Department of Electrical and Computer Engineering, College of Engineering, Drexel University, Philadelphia, PA, USA.
College of Computing and Informatics, Drexel University, Philadelphia, PA, USA.
Brief Bioinform. 2023 Jul 20;24(4). doi: 10.1093/bib/bbad226.

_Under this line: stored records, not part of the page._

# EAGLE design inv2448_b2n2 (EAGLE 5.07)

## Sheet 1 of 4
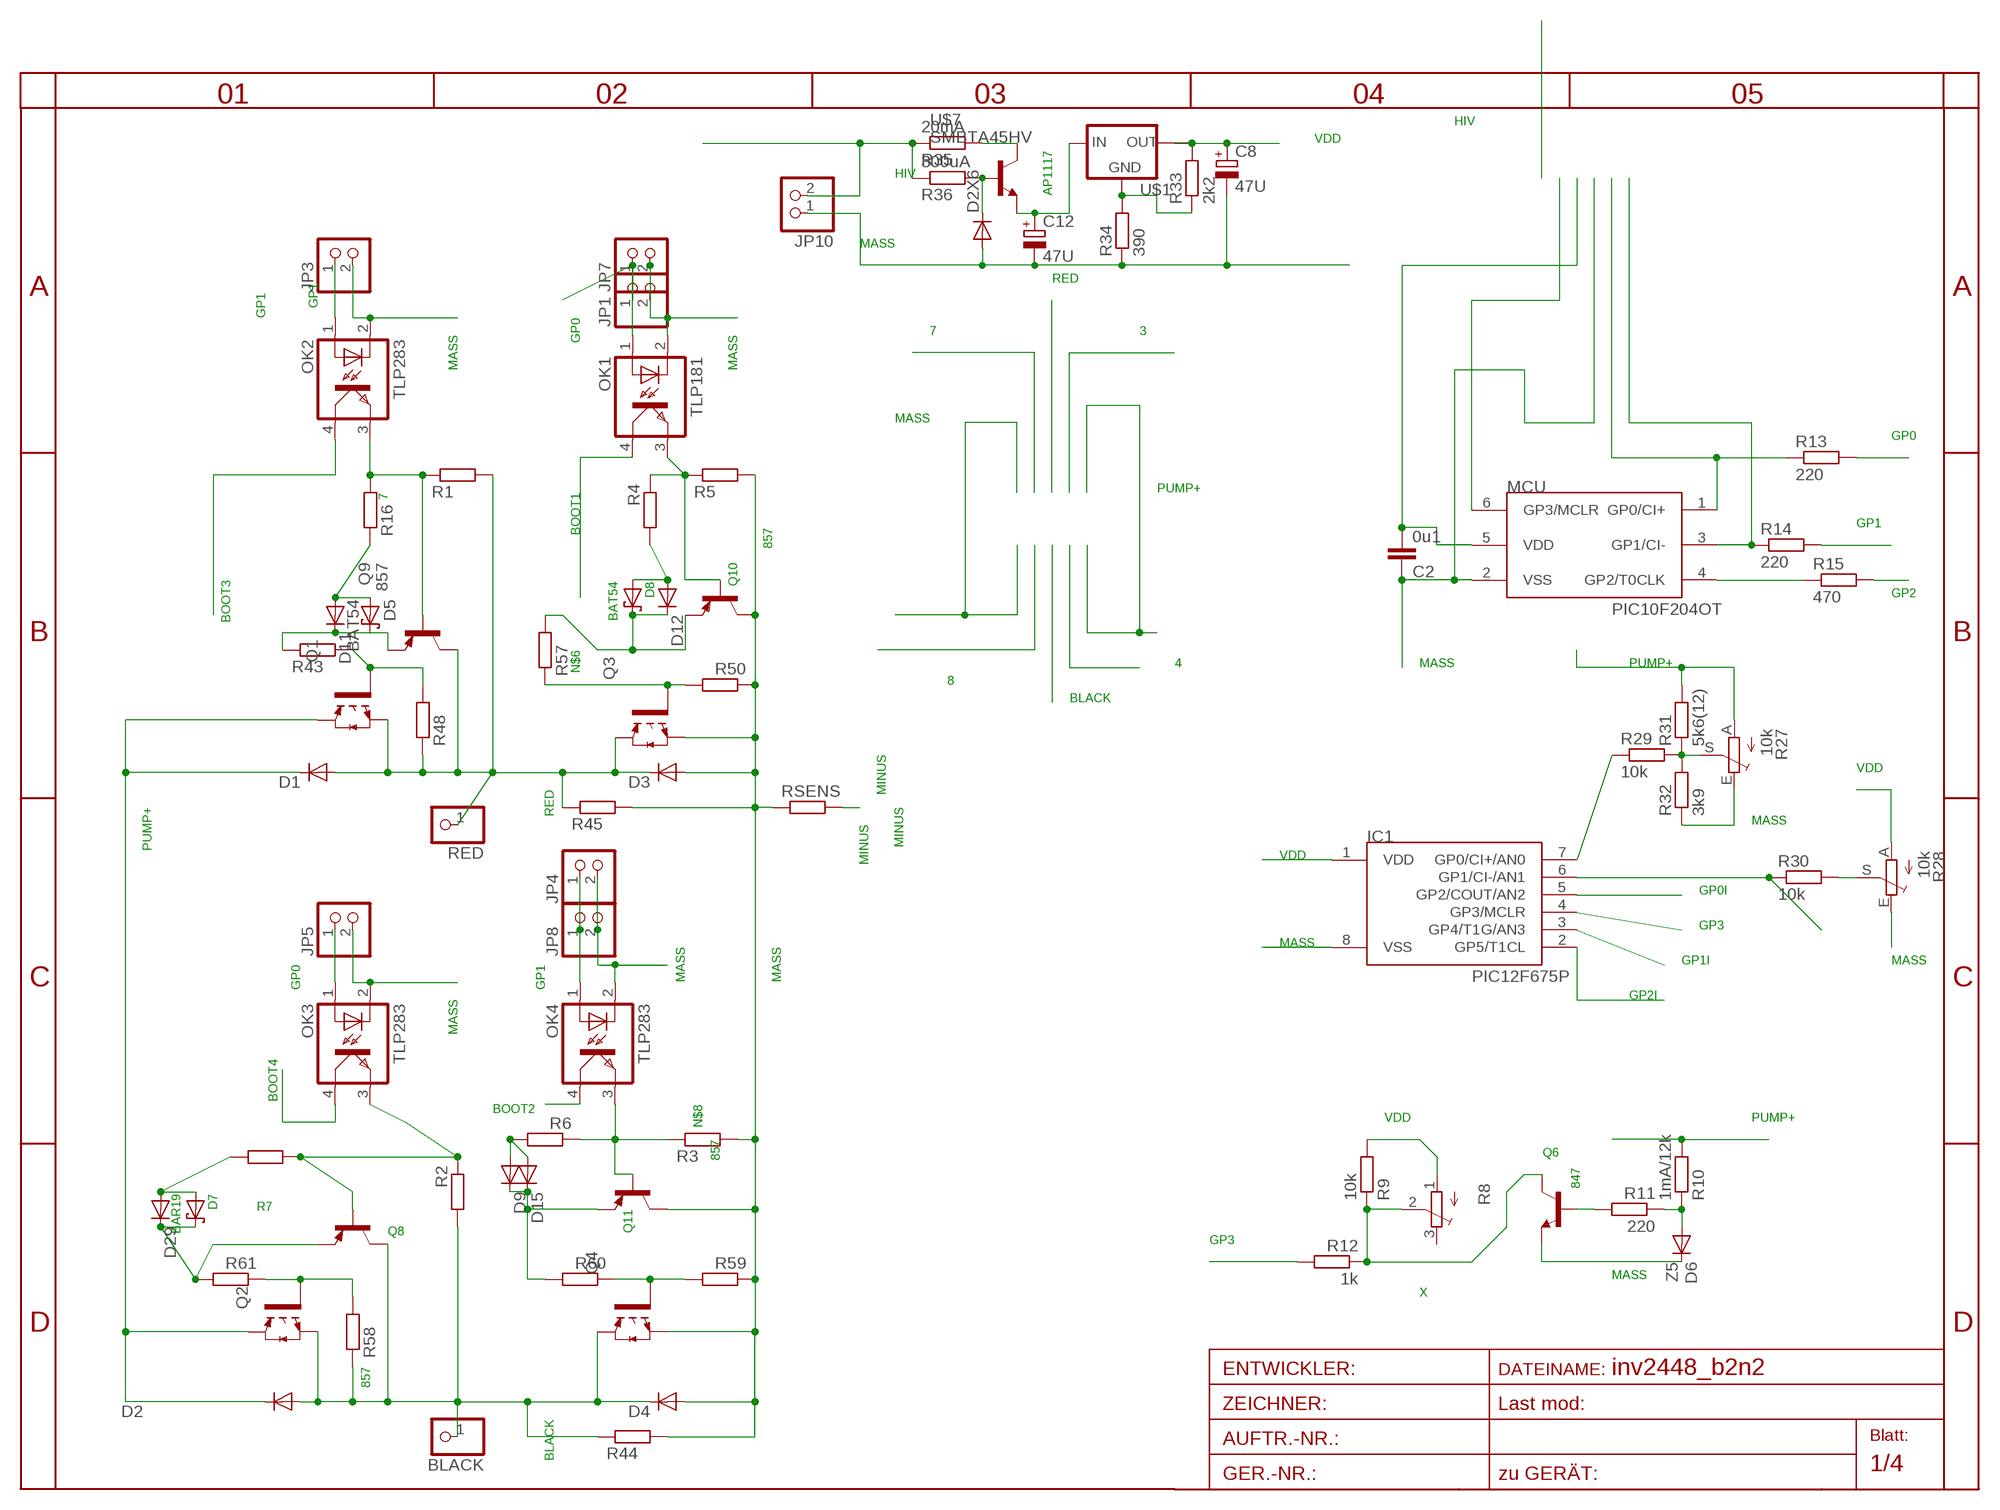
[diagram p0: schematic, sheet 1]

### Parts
BLACK  PINHD-1X14.5MM  [1X4MM5]
C2  0u1  C-EUC0805  [C0805]
C8  47U  CPOL-EUE  [PANASONIC_E]
C12  47U  CPOL-EUSMCA  [SMC_A]
D1  DIODE-SMC  [SMC]
D2  DIODE-SMC  [SMC]
D2X6  DIODE-MINIMELF  [MINIMELF]
D3  DIODE-SMC  [SMC]
D4  DIODE-SMC  [SMC]
D5  BAT54  [SOT23]
D6  Z5  DIODE-MINIMELF  [MINIMELF]
D7  BAR19  BAT54  [SOT23]
D8  BAT54  [SOT23]
D9  DIODE-MINIMELF  [MINIMELF]
D11  DIODE-MINIMELF  [MINIMELF]
D12  DIODE-MINIMELF  [MINIMELF]
D15  DIODE-MINIMELF  [MINIMELF]
D29  DIODE-MINIMELF  [MINIMELF]
IC1  PIC12F675P  [DIL8]
JP1  PINHD-1X2STR  [1X02]
JP3  PINHD-1X2STR  [1X02]
JP4  PINHD-1X2STR  [1X02]
JP5  PINHD-1X2STR  [1X02]
JP7  PINHD-1X2STR  [1X02]
JP8  PINHD-1X2STR  [1X02]
JP10  PINHD-1X2STR  [1X02]
MCU  PIC10F204OT  [SOT23-6]
OK1  TLP181  TLP283FLAT  [FLAT-4]
OK2  TLP283  TLP283FLAT  [FLAT-4]
OK3  TLP283  TLP283FLAT  [FLAT-4]
OK4  TLP283  TLP283FLAT  [FLAT-4]
Q1  IRG4BC15UD-S  [D2PACK]
Q2  IRG4BC15UD-S  [D2PACK]
Q3  IRG4BC15UD-S  [D2PACK]
Q4  IRG4BC15UD-S  [D2PACK]
Q6  847  BC847ALT1SMD  [SOT23]
Q8  857  BC857ALT1SMD  [SOT23-BEC]
Q9  857  BC857ALT1SMD  [SOT23-BEC]
Q10  857  BC857ALT1SMD  [SOT23-BEC]
Q11  857  BC857ALT1SMD  [SOT23-BEC]
R1  R-EU_R1206  [R1206]
R2  R-EU_R1206  [R1206]
R3  R-EU_R1206  [R1206]
R4  R-EU_R0805  [R0805]
R5  R-EU_R1206  [R1206]
R6  R-EU_R1206  [R1206]
R7  R-EU_R0805  [R0805]
R8  TRIM_EU-3223W  [3223W]
R9  10k  R-EU_R1206  [R1206]
R10  1mA/12k  R-EU_R1206  [R1206]
R11  220  R-EU_R1206  [R1206]
R12  1k  R-EU_0204/7  [0204/7]
R13  220  R-EU_R1206  [R1206]
R14  220  R-EU_0207/10  [0207/10]
R15  470  R-EU_0207/20  [0207/20]
R16  R-EU_R0805  [R0805]
R27  10k  TRIM_EU-RAND160  [RANDL]
R28  10k  TRIM_EU-RAND160  [RANDL]
R29  10k  R-EU_0207/30  [0207/30]
R30  10k  R-EU_R0805  [R0805]
R31  5k6(12)  R-EU_0207/30  [0207/30]
R32  3k9  R-EU_R0805  [R0805]
R33  2k2  R-EU_R0805  [R0805]
R34  390  R-EU_R0805  [R0805]
R35  20mA  R-EU_R1206  [R1206]
R36  300uA  R-EU_R1206  [R1206]
R43  R-EU_0204/2V  [0204V]
R44  R-EU_0204/2V  [0204V]
R45  R-EU_0204/2V  [0204V]
R48  R-EU_R1206  [R1206]
R50  R-EU_R1206  [R1206]
R57  R-EU_0204/2V  [0204V]
R58  R-EU_R1206  [R1206]
R59  R-EU_R1206  [R1206]
R60  R-EU_0204/2V  [0204V]
R61  R-EU_0204/2V  [0204V]
RED  PINHD-1X14.5MM  [1X4MM5]
RSENS  R-EU_CERAM55  [CERAM55]
U$1  AP1117  [SOT223]
U$7  SMBTA45HV  [SOT23HV]

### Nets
3: OK1.3(EMIT) Q10.B R4.1 R5.1
4: OK3.3(EMIT) Q8.B R2.1 R7.2
7: OK2.3(EMIT) Q9.B R1.1 R16.2
BLACK: BLACK.1 D2.A D4.C Q2.3(E) Q4.2(C) Q8.C R2.2 R44.1 R58.1 ; also sheet 2
BOOT1: OK1.4(COL) ; also sheet 2
BOOT2: OK4.4(COL) ; also sheet 2
BOOT3: OK2.4(COL) ; also sheet 2
BOOT4: OK3.4(COL) ; also sheet 2
GP0: JP1.1 JP5.1 JP7.1 OK1.1(A) OK3.1(A) R13.2
GP0I: IC1.5(GP2/COUT/AN2) MCU.1(GP0/CI+) R13.1
GP1: JP3.1 JP4.1 JP8.1 OK2.1(A) OK4.1(A) R14.2
GP1I: IC1.3(GP4/T1G/AN3) MCU.3(GP1/CI-) R14.1
GP2: R15.2 ; also sheet 2
GP2I: IC1.2(GP5/T1CL) MCU.4(GP2/T0CLK) R15.1
GP3: IC1.4(GP3/MCLR) MCU.6(GP3/MCLR) R12.2
HIV: JP10.2 R35.1 R36.1 ; also sheet 2
MASS: C2.1 C8.- C12.- D2X6.A D3.A D4.A D6.C IC1.8(VSS) JP1.2 JP3.2 JP4.2 JP5.2 JP7.2 JP8.2 JP10.1 MCU.2(VSS) OK1.2(C) OK2.2(C) OK3.2(C) OK4.2(C) Q3.3(E) Q4.3(E) Q6.2(E) Q10.C Q11.C R3.2 R5.2 R27.E R28.E R32.1 R34.1 R44.2 R45.2 R50.1 R59.1 RSENS.1 ; also sheet 2,4
MINUS: RSENS.2 ; also sheet 2,3,4
N$2: D8.1(A) D12.A R4.2
N$4: D6.A R10.1 R11.1
N$5: Q6.1(B) R11.2
N$6: D8.3(C) D12.C Q10.E R57.2
N$7: D9.C D15.C Q11.E R60.2
N$8: OK4.3(EMIT) Q11.B R3.1 R6.1
N$9: D9.A D15.A R6.2
N$10: D7.3(C) D29.C Q8.E R61.2
N$11: D7.1(A) D29.A R7.1
N$12: D5.1(A) D11.A R16.1
N$14: Q1.1(G) R43.2 R48.2
N$24: R28.S R30.2
N$30: R33.1 R34.2 U$1.1(GND)
N$31: IC1.6(GP1/CI-/AN1) R30.1
N$32: D2X6.C R36.2 U$7.1(B)
N$33: R35.2 U$7.3(C)
N$34: R27.S R29.2 R31.1 R32.2
N$35: IC1.7(GP0/CI+/AN0) R29.1
N$36: C12.+ U$1.3(IN) U$7.2(E)
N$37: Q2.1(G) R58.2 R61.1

Human prescription drug labeling contains a summary of the essential scientific information needed for the safe and effective use of the drug and includes the Prescribing Information, FDA-approved patient labeling (Medication Guides, Patient Package Inserts and/or Instructions for Use), and/or carton and container labeling. Drug labeling contains critical information about drug products, such as pharmacokinetics and adverse events. Automatic information extraction from drug labels may facilitate finding the adverse reaction of the drugs or finding the interaction of one drug with another drug. Natural language processing (NLP) techniques, especially recently developed Bidirectional Encoder Representations from Transformers (BERT), have exhibited exceptional merits in text-based information extraction. A common paradigm in training BERT is to pretrain the model on large unlabeled generic language corpora, so that the model learns the distribution of the words in the language, and then fine-tune on a downstream task. In this paper, first, we show the uniqueness of language used in drug labels, which therefore cannot be optimally handled by other BERT models. Then, we present the developed PharmBERT, which is a BERT model specifically pretrained on the drug labels (publicly available at Hugging Face). We demonstrate that our model outperforms the vanilla BERT, ClinicalBERT and BioBERT in multiple NLP tasks in the drug label domain. Moreover, how the domain-specific pretraining has contributed to the superior performance of PharmBERT is demonstrated by analyzing different layers of PharmBERT, and more insight into how it understands different linguistic aspects of the data is gained.
人用药物标签包含了安全有效使用药物所需的基本科学信息摘要,包括说明书、FDA 批准的患者标签(用药指南、患者用药须知和/或使用说明)和/或纸盒和容器标签。药物标签包含了药物产品的关键信息,如药代动力学和不良反应。从药物标签中自动提取信息可以方便地发现药物的不良反应,或者发现一种药物与另一种药物的相互作用。自然语言处理(NLP)技术,尤其是最近开发的基于 Transformer 的双向编码器表示(BERT),在基于文本的信息提取方面表现出了卓越的优点。在训练 BERT 时,一个常见的范例是在大型无标签通用语言语料库上对模型进行预训练,使模型学习语言中单词的分布,然后在下游任务上进行微调。在本文中,我们首先展示了药物标签中使用的语言的独特性,因此其他 BERT 模型无法对其进行最佳处理。然后,我们提出了 PharmBERT,这是一个专门在药物标签上进行预训练的 BERT 模型(可在 Hugging Face 上公开获得)。我们证明,我们的模型在药物标签领域的多个 NLP 任务中优于 vanilla BERT、ClinicalBERT 和 BioBERT。此外,通过分析 PharmBERT 的不同层,展示了特定于领域的预训练如何有助于提高 PharmBERT 的性能,并获得了更多关于它如何理解数据不同语言方面的见解。